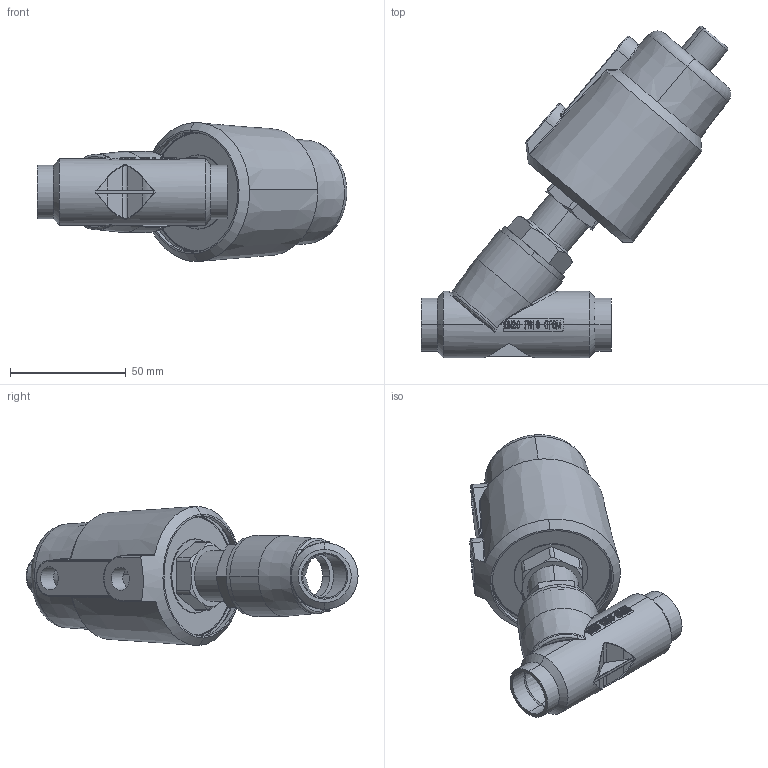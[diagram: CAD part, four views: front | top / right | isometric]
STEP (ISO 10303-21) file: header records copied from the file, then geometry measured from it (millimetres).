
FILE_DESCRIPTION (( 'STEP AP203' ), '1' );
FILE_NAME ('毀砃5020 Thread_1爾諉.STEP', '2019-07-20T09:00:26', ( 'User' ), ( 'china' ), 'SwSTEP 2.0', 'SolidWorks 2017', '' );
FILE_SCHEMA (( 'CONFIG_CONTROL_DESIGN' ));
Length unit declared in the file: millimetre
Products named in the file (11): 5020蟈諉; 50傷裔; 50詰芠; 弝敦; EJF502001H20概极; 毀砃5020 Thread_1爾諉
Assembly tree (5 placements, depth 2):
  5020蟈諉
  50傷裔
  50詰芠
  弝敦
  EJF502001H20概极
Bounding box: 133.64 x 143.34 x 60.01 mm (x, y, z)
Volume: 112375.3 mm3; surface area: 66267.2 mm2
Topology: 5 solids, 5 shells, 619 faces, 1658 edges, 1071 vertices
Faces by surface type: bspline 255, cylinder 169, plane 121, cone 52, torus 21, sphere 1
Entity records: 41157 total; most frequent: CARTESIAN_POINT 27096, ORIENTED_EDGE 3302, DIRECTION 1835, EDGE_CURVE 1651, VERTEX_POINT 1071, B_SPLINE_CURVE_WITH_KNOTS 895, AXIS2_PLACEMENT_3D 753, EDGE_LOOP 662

-.-.-

■ **Work to be completed**
What lines above mention "records"? Copy each one.

■ **Solved exercise**
STEP (ISO 10303-21) file: header records copied from the file, then geometry measured from it (millimetres).
Entity records: 41157 total; most frequent: CARTESIAN_POINT 27096, ORIENTED_EDGE 3302, DIRECTION 1835, EDGE_CURVE 1651, VERTEX_POINT 1071, B_SPLINE_CURVE_WITH_KNOTS 895, AXIS2_PLACEMENT_3D 753, EDGE_LOOP 662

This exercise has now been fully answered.